Das Statut und die Debatte über die Quoten
Zweideutig auch die Position zur Regierung Berlusconi. Man lehnt die Tageslosung
ihres Sturzes ab. “Die Bedingungen sind nicht reif, aber wir können
ihm in puncto Artikel 18 einen Schlag verpassen”, hat Bertinotti erklärt
als er den Provinzkongreß von Mailand beendete, aber <beim nationalen
Parteikongreß> in Rimini ist diese Formulierung zu einem zweideutigen
“die Regierung besiegen” geworden, in dem jeder das lesen kann, was ihm mehr
gefällt.
Die Diskussion über das Statut hat deutlich gemacht, wie sich die Elemente
politischer und ideologischer Zersetzung auch auf die organisatorische Ebene
übertragen. Zwischen den verschiedenen Komponenten der Mehrheit ist
das Zusammenleben immer problematischer und dies spiegelt sich in der Tendenz
wider, politisch und sogar sozial “homogene” Zirkel zu bilden. Während
die Mitgliederzahl stagniert, vervielfacht sich die Anzahl der Zirkel <d.h.
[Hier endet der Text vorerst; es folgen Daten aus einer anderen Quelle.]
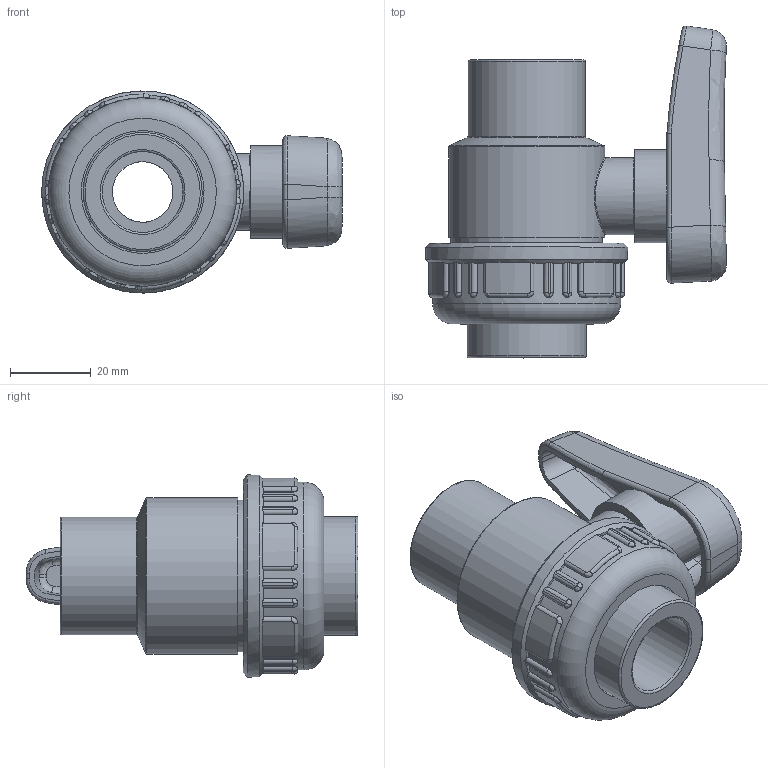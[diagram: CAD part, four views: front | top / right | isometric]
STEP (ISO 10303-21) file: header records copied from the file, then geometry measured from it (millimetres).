
FILE_DESCRIPTION(/* description */ (''),/* implementation_level */ '2;1');
FILE_NAME(/* name */ 'C:\Users\POLYPIPE\Desktop\DATASET INVENTOR\LIBRERIA EFFAST\3D_VALVOLE\3D_VALVOLE A SFERA\3D_SV\3D_BDRSVD\3D_BDRSVD0200.stp',/* time_stamp */ '2018-01-23T16:28:55+01:00',/* author */ ('POLYPIPE'),/* organization */ (''),/* preprocessor_version */ 'ST-DEVELOPER v16.1',/* originating_system */ 'Autodesk Inventor 2016',/* authorisation */ '');
FILE_SCHEMA (('CONFIG_CONTROL_DESIGN'));
Length unit declared in the file: centimetre
Products named in the file (1): 3D_BDRSVD0200
Bounding box: 74.42 x 82.11 x 49.99 mm (x, y, z)
Volume: 75190 mm3; surface area: 30470.8 mm2
Topology: 2 solids, 2 shells, 351 faces, 883 edges, 544 vertices
Faces by surface type: cylinder 115, plane 105, bspline 99, torus 22, sphere 7, cone 3
Full cylindrical faces by diameter (mm): 12 x1, 15 x2, 19 x1, 20 x2, 23 x1, 29 x1, 29.5 x1, 30.4 x1, 35.4 x1, 37.5 x1, 38.6 x1, 40.4 x1, 46.5 x1, 50 x1
Entity records: 33393 total; most frequent: CARTESIAN_POINT 25192, ORIENTED_EDGE 1696, DIRECTION 1487, EDGE_CURVE 848, AXIS2_PLACEMENT_3D 586, VERTEX_POINT 537, EDGE_LOOP 393, STYLED_ITEM 353
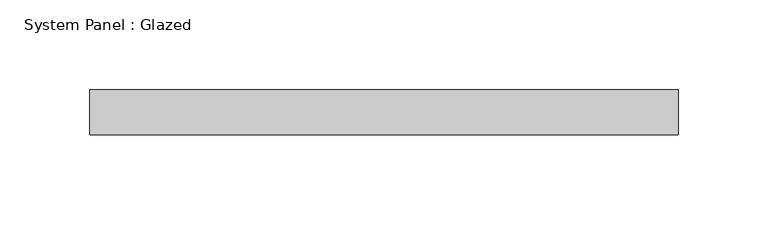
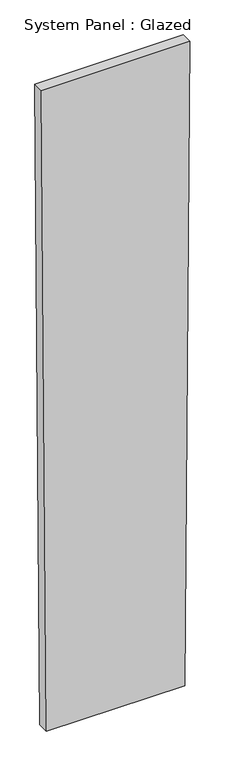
"""IFC4 building model written with IfcOpenShell, lengths in millimetres: plate geometry, System Panel : Glazed."""

import ifcopenshell
import ifcopenshell.guid

model = None  # the IFC model being written
_history = None  # IfcOwnerHistory: only IFC2X3 demands one
_inside = {}  # id of a spatial element -> (the spatial element, [elements in it])
_under = {}  # id of a project, library or spatial element -> (it, [spatial elements below it])
_declared = {}  # id of a project -> (the project, [libraries it declares])
_typed = {}  # id of a type object -> (the type object, [elements of that type])
_made_of = {}  # id of a material, layer set ... -> (it, [elements and type objects made of it])


def new_model(schema):
    """Start an empty IFC model of exactly this schema.

    Asked for "IFC4X3", IfcOpenShell would pick the latest addendum, in which some entities
    have other attributes; the version numbers below select the first issue.
    IFC2X3 requires an IfcOwnerHistory on every rooted entity: one is made here for all.
    """
    global model, _history
    if schema == "IFC4X3":
        model = ifcopenshell.file(schema_version=(4, 3, 0, 0))
    else:
        model = ifcopenshell.file(schema=schema)
    _inside.clear()
    _under.clear()
    _declared.clear()
    _typed.clear()
    _made_of.clear()
    _history = None
    if model.schema == "IFC2X3":
        org = make("IfcOrganization", Name="unknown")
        user = make(
            "IfcPersonAndOrganization",
            ThePerson=make("IfcPerson", FamilyName="unknown"),
            TheOrganization=org,
        )
        app = make(
            "IfcApplication",
            ApplicationDeveloper=org,
            Version="unknown",
            ApplicationFullName="unknown",
            ApplicationIdentifier="unknown",
        )
        _history = make(
            "IfcOwnerHistory",
            OwningUser=user,
            OwningApplication=app,
            ChangeAction="ADDED",
            CreationDate=0,
        )
    return model


def make(cls, **values):
    """One entity of the class cls with the attributes given. An attribute that is None is left unset."""
    return model.create_entity(
        cls, **{name: value for name, value in values.items() if value is not None}
    )


def rooted(cls, **values):
    """An entity with a GlobalId (a new one), such as an element, a storey or a relation."""
    return make(cls, GlobalId=ifcopenshell.guid.new(), OwnerHistory=_history, **values)


def si_unit(unit_type, name, prefix=None):
    """IfcSIUnit, for example si_unit("LENGTHUNIT", "METRE", prefix="MILLI")."""
    return make("IfcSIUnit", UnitType=unit_type, Prefix=prefix, Name=name)


def assignment(units):
    """IfcUnitAssignment: the units of a project."""
    return None if units is None else make("IfcUnitAssignment", Units=units)


def point(xyz):
    """IfcCartesianPoint."""
    return None if xyz is None else make("IfcCartesianPoint", Coordinates=xyz)


def direction(xyz):
    """IfcDirection."""
    return None if xyz is None else make("IfcDirection", DirectionRatios=xyz)


def frame(location, z_axis=None, x_axis=None):
    """IfcAxis2Placement3D, a coordinate frame: its origin and axes. An axis left out is left unset."""
    return make(
        "IfcAxis2Placement3D",
        Location=point(location),
        Axis=direction(z_axis),
        RefDirection=direction(x_axis),
    )


def origin():
    """The frame at (0, 0, 0) with its axes left unset."""
    return frame((0.0, 0.0, 0.0))


def place(relative_to, where):
    """IfcLocalPlacement: puts the frame where relative to a parent placement (None: the world)."""
    return make(
        "IfcLocalPlacement", PlacementRelTo=relative_to, RelativePlacement=where
    )


def context(
    kind, dimensions, precision=None, world=None, true_north=None, identifier=None
):
    """IfcGeometricRepresentationContext, for example the 3D "Model" context."""
    return make(
        "IfcGeometricRepresentationContext",
        ContextIdentifier=identifier,
        ContextType=kind,
        CoordinateSpaceDimension=dimensions,
        Precision=precision,
        WorldCoordinateSystem=world,
        TrueNorth=true_north,
    )


def project(units=None, contexts=None):
    """IfcProject with its units and contexts."""
    return rooted(
        "IfcProject",
        Name="project",
        RepresentationContexts=contexts,
        UnitsInContext=assignment(units),
    )


def spatial(cls, under=None, at=None, **own):
    """A site, building, storey or space (cls), placed at a placement, below another one or the project."""
    s = rooted(cls, ObjectPlacement=at, **own)
    if under is not None:
        _under.setdefault(under.id(), (under, []))[1].append(s)
    return s


def polyline(points):
    """IfcPolyline through the points."""
    return make("IfcPolyline", Points=[point(p) for p in points])


def outline(outer, holes=None, kind="AREA"):
    """IfcArbitraryClosedProfileDef: a profile drawn as a closed curve; with holes, ...WithVoids."""
    if holes is None:
        return make("IfcArbitraryClosedProfileDef", ProfileType=kind, OuterCurve=outer)
    return make(
        "IfcArbitraryProfileDefWithVoids",
        ProfileType=kind,
        OuterCurve=outer,
        InnerCurves=holes,
    )


def extrude(swept, where, along, depth):
    """IfcExtrudedAreaSolid: the profile swept, set in the frame where, extruded along a direction by depth."""
    return make(
        "IfcExtrudedAreaSolid",
        SweptArea=swept,
        Position=where,
        ExtrudedDirection=direction(along),
        Depth=depth,
    )


def shape(context_of_items, identifier, shape_type, items):
    """IfcShapeRepresentation: the items that make up one representation, for example the "Body"."""
    return make(
        "IfcShapeRepresentation",
        ContextOfItems=context_of_items,
        RepresentationIdentifier=identifier,
        RepresentationType=shape_type,
        Items=items,
    )


def source(mapping_origin, context_of_items, identifier, shape_type, items):
    """IfcRepresentationMap: a shape defined once, which mapped items show again and again."""
    return make(
        "IfcRepresentationMap",
        MappingOrigin=mapping_origin,
        MappedRepresentation=shape(context_of_items, identifier, shape_type, items),
    )


def transform(
    local_origin,
    x_axis=None,
    y_axis=None,
    z_axis=None,
    scale=None,
    scale2=None,
    scale3=None,
    uniform=True,
):
    """IfcCartesianTransformationOperator3D, or its non-uniform kind. x_axis, y_axis, z_axis: its Axis1, 2, 3."""
    if uniform:
        return make(
            "IfcCartesianTransformationOperator3D",
            Axis1=direction(x_axis),
            Axis2=direction(y_axis),
            LocalOrigin=point(local_origin),
            Scale=scale,
            Axis3=direction(z_axis),
        )
    return make(
        "IfcCartesianTransformationOperator3DnonUniform",
        Axis1=direction(x_axis),
        Axis2=direction(y_axis),
        LocalOrigin=point(local_origin),
        Scale=scale,
        Axis3=direction(z_axis),
        Scale2=scale2,
        Scale3=scale3,
    )


def mapped(mapping_source, mapping_target):
    """IfcMappedItem: shows the shape of a source again, moved by a transform."""
    return make(
        "IfcMappedItem", MappingSource=mapping_source, MappingTarget=mapping_target
    )


def made_of(thing, what):
    """Note that an element or type object is made of a material, layer set ...; save() writes the relation."""
    if what is not None:
        _made_of.setdefault(what.id(), (what, []))[1].append(thing)
    return thing


def element(
    cls,
    number,
    at=None,
    inside=None,
    cuts=None,
    type_object=None,
    material=None,
    context=None,
    identifier="Body",
    shape_type=None,
    held_by="IfcProductDefinitionShape",
    body=None,
    shapes=None,
    **own,
):
    """One element of the class cls, such as IfcWall. Its Tag is "e" and its number.

    at: its placement. inside: the storey or other place that contains it. cuts: it is an
    opening in that element (IfcRelVoidsElement). A single representation is given by context,
    identifier, shape_type and body (its items); several are given by shapes. held_by: the class
    of the entity that holds the representations. save() writes the other relations.
    """
    e = rooted(cls, Tag="e%d" % number, ObjectPlacement=at, **own)
    if body is not None:
        shapes = [shape(context, identifier, shape_type, body)]
    if shapes is not None:
        e.Representation = make(held_by, Representations=shapes)
    if inside is not None:
        _inside.setdefault(inside.id(), (inside, []))[1].append(e)
    if cuts is not None:
        rooted(
            "IfcRelVoidsElement", RelatingBuildingElement=cuts, RelatedOpeningElement=e
        )
    if type_object is not None:
        _typed.setdefault(type_object.id(), (type_object, []))[1].append(e)
    return made_of(e, material)


def aggregate(whole, parts):
    """IfcRelAggregates: a whole, such as a stair, and the parts it consists of."""
    return rooted("IfcRelAggregates", RelatingObject=whole, RelatedObjects=parts)


def save(model, path):
    """Write the relations noted so far, then the file.

    IfcRelAggregates (storeys below a building ...), IfcRelContainedInSpatialStructure (elements
    in a storey), IfcRelDefinesByType, IfcRelAssociatesMaterial and IfcRelDeclares: one each for
    every whole, place, type object, material and project.
    """
    for whole, parts in _under.values():
        aggregate(whole, parts)
    for where, things in _inside.values():
        rooted(
            "IfcRelContainedInSpatialStructure",
            RelatedElements=things,
            RelatingStructure=where,
        )
    for kind, things in _typed.values():
        rooted("IfcRelDefinesByType", RelatedObjects=things, RelatingType=kind)
    for what, things in _made_of.values():
        rooted("IfcRelAssociatesMaterial", RelatedObjects=things, RelatingMaterial=what)
    for by, libraries in _declared.values():
        rooted("IfcRelDeclares", RelatingContext=by, RelatedDefinitions=libraries)
    model.write(path)


def system_panel_glazed_42407800(model_context):
    return source(origin(), model_context, "Body", "SweptSolid", [
        extrude(outline(polyline([(0.0, -152.9122316), (0.0, 152.9121354), (1499.9594327, 163.9440173), (1499.9594327, -163.9440173), (0.0, -152.9122316)])), frame((0.0, -49.5, 0.0), z_axis=(0.0, 1.0, 0.0), x_axis=(0.0, 0.0, 1.0)), (0.0, 0.0, 1.0), 25.0),
    ])


if __name__ == "__main__":
    model = new_model("IFC4")
    model_context = context("Model", 3, world=origin())
    ifc_project = project(units=[si_unit("LENGTHUNIT", "METRE", prefix="MILLI")], contexts=[model_context])
    site = spatial("IfcSite", under=ifc_project)
    building = spatial("IfcBuilding", under=site)
    placement = place(None, origin())
    system_panel_glazed_shape = system_panel_glazed_42407800(model_context)
    element("IfcPlate", 1, ObjectType="System Panel : Glazed", at=placement, inside=building, context=model_context, shape_type="MappedRepresentation", body=[
        mapped(system_panel_glazed_shape, transform((0.0, 0.0, 0.0), x_axis=(1.0, 0.0, 0.0), y_axis=(0.0, 1.0, 0.0), z_axis=(0.0, 0.0, 1.0))),
    ])
    save(model, "model.ifc")

der Basisgruppen des PRC> und dies nicht aufgrund einer größeren
Verankerung der Partei, sondern gerade aufgrund der Tendenz, das Engagement
mit Genossen zu suchen, die politisch die gleichen Auffassungen haben. Der
dramatische Aspekt <dabei> ist, daß man von oben - anstatt diese
Situation anzugehen - Benzin ins Feuer schüttet, indem Innovationen,
wie die “thematischen” Zirkel eingeführt werden, die in diesem Kontext
Gefahr laufen, die Situation weiter zu verschlechtern.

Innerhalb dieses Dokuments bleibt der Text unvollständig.